3. contain the test kit of micro-satellite primers described in claim 1 or 2.

4. test kit described in micro-satellite primers described in claim 1 or 2 or claim 3 in Pelteobagrus fulvidraco genetic breeding should With.

5. the method detecting Pelteobagrus fulvidraco total length character, it is characterised in that comprise the following steps:

S1. sample DNA is extracted；

S2. utilize the primer amplification sample DNA of SEQ ID NO:4～9 described in claim 1 or 2, analyze micro-in sample DNA defending The type of asterisk note and genotype, determine the total length character of Pelteobagrus fulvidraco.

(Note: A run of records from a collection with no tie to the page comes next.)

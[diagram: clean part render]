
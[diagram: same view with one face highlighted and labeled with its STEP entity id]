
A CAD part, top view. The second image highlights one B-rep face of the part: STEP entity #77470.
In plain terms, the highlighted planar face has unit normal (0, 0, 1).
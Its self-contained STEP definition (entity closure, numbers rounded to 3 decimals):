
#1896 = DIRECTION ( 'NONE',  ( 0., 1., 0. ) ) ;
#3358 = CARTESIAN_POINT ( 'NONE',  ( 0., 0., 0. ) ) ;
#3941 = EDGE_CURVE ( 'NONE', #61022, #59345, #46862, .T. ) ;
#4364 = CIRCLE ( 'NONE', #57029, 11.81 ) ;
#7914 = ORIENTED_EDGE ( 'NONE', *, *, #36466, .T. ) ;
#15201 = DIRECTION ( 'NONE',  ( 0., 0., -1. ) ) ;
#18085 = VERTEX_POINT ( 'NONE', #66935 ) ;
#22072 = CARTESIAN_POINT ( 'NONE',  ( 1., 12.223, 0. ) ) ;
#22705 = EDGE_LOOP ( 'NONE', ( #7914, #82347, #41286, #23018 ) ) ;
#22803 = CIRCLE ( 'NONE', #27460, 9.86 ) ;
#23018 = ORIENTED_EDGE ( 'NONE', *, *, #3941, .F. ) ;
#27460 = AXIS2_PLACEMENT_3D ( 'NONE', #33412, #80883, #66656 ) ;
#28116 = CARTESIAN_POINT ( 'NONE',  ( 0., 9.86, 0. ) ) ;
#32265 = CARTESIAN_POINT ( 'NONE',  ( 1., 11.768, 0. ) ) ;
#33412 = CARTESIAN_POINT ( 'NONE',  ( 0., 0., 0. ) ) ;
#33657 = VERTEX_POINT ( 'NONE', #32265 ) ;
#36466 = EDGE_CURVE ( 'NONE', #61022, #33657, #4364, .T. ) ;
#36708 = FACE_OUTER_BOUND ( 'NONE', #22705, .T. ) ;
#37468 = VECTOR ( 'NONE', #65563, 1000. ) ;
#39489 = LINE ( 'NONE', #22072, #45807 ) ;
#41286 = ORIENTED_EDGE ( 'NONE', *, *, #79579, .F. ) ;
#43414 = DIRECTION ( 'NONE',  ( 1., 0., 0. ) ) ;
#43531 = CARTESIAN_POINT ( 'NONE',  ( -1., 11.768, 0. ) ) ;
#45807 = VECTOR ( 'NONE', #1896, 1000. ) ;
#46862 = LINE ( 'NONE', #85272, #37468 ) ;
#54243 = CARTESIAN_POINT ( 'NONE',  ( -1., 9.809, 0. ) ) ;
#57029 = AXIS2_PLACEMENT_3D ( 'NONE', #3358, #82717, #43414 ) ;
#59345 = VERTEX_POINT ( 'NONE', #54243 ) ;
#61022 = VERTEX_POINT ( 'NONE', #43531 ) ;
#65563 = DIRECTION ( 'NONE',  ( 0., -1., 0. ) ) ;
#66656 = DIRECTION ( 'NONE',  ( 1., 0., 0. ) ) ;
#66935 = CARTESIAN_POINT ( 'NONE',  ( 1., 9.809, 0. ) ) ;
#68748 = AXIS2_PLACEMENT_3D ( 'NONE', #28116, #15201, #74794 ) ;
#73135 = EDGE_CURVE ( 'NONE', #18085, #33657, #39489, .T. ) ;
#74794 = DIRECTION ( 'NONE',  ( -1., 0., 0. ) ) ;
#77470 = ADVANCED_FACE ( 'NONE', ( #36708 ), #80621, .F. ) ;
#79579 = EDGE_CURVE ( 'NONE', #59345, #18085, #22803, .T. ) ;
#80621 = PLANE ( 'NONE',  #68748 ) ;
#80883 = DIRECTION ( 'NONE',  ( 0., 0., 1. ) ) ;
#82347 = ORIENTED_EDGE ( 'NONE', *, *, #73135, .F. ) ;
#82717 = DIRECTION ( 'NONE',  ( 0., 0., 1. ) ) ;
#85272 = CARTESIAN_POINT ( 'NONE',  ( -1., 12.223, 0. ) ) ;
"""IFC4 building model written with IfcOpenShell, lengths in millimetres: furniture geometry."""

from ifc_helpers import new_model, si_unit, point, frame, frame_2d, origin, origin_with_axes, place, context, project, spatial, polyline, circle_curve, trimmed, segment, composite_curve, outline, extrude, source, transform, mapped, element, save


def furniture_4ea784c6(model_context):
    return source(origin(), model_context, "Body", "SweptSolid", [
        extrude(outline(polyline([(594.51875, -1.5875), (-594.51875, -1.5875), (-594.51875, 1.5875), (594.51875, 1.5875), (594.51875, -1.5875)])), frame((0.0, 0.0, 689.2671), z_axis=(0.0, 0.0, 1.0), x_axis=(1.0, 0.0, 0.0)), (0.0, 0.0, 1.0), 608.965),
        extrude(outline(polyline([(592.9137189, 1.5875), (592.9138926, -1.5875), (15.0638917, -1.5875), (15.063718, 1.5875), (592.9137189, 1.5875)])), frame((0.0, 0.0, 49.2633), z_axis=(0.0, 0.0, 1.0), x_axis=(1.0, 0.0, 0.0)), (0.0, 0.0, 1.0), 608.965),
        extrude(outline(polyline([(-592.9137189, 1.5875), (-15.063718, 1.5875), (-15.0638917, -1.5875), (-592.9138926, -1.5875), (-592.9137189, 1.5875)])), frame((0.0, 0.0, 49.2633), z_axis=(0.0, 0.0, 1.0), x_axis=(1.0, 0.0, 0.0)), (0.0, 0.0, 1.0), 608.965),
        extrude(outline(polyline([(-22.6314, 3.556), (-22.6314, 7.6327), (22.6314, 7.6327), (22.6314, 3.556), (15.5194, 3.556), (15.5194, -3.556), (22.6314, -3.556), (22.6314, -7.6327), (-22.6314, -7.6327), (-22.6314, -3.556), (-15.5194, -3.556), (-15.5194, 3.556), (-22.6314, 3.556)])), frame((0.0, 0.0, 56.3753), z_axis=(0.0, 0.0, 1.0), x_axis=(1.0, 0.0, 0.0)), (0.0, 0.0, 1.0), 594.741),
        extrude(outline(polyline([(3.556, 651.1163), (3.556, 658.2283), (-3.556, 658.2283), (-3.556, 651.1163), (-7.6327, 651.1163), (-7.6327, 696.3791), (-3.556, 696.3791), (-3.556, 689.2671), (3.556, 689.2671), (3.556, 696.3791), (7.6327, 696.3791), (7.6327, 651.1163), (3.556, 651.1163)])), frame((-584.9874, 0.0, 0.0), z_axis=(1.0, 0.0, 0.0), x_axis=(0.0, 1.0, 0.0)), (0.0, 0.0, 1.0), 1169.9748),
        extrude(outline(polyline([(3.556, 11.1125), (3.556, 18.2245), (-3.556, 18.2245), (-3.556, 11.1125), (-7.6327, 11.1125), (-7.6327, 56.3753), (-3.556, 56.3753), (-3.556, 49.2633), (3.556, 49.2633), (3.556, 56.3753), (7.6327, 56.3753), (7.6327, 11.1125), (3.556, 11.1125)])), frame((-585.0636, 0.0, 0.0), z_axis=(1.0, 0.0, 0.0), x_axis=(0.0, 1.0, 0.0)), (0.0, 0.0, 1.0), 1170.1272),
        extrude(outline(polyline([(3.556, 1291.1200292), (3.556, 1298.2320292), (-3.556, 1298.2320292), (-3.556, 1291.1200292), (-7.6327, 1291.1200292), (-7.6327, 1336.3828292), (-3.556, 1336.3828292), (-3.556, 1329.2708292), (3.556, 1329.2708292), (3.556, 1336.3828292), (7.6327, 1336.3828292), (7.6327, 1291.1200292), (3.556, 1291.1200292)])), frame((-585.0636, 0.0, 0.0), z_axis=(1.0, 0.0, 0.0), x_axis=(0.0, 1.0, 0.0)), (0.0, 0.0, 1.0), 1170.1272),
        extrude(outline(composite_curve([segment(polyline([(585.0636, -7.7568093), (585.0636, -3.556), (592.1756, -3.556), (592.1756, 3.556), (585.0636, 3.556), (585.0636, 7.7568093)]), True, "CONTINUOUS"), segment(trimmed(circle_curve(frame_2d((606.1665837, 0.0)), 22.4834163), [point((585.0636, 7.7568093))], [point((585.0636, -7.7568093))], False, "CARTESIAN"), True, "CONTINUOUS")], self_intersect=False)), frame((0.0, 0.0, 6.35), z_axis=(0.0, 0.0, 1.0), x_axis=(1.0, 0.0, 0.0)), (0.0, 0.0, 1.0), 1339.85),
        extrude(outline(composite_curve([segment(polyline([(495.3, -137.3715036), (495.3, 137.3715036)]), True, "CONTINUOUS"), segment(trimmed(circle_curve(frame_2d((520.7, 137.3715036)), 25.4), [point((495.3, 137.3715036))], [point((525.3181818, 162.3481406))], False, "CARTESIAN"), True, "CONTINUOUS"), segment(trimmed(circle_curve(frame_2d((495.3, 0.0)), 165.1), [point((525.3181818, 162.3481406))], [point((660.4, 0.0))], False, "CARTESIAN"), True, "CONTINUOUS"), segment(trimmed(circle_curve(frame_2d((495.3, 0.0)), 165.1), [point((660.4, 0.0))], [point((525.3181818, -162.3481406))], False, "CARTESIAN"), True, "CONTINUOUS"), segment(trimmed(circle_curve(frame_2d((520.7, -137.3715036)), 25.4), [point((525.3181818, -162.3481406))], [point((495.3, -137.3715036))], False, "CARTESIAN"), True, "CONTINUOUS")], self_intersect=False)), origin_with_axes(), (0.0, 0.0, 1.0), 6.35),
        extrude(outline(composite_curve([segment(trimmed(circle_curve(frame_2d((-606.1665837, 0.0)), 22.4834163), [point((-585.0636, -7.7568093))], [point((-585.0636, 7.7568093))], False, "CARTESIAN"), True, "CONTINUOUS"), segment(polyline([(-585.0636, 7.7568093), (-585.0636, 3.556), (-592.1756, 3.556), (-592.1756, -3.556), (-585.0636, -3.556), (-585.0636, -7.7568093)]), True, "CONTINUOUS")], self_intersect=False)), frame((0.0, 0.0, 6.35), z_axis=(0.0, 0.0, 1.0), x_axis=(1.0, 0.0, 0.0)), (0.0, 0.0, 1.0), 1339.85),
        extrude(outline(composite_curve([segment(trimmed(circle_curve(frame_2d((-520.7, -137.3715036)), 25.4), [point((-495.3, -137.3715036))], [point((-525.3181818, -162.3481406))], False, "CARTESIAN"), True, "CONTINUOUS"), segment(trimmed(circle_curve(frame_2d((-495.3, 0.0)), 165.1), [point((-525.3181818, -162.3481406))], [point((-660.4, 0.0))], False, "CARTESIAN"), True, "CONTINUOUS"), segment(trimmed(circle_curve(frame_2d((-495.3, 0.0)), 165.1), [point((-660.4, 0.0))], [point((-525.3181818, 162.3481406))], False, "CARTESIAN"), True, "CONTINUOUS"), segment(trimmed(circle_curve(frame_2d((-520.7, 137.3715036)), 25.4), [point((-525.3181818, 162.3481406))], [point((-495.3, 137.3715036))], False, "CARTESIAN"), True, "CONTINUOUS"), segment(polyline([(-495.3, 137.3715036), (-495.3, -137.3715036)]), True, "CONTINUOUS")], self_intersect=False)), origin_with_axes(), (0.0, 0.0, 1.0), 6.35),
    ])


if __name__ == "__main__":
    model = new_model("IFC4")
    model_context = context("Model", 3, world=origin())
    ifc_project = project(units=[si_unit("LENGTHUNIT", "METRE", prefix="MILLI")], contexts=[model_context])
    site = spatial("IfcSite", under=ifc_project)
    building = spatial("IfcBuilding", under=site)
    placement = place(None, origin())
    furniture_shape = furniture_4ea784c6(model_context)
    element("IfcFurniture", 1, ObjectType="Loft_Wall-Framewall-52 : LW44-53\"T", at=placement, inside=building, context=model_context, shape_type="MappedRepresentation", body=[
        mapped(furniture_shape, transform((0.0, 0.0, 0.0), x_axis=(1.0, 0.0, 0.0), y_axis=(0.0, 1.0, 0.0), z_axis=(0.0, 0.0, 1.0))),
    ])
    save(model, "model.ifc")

6. the method for the excellent Pelteobagrus fulvidraco of selection-breeding, it is characterised in that comprise the following steps:

S1. sample DNA is extracted；

S2. utilize the primer amplification sample DNA of SEQ ID NO:4～9 described in claim 1 or 2, analyze micro-in sample DNA defending The type of asterisk note and genotype；

S3. result judges: if containing repeating motif (GA) in sample DNA_n1, then Select gene type be the sample of CD be excellent yellow forehead Fish；If the motif containing restructuring (TCTT) in sample DNA_n2, then Select gene type be the sample of BD be excellent Pelteobagrus fulvidraco；If sample DNA In containing repeat motif (AC)_n3, then Select gene type be the sample of DD be excellent Pelteobagrus fulvidraco.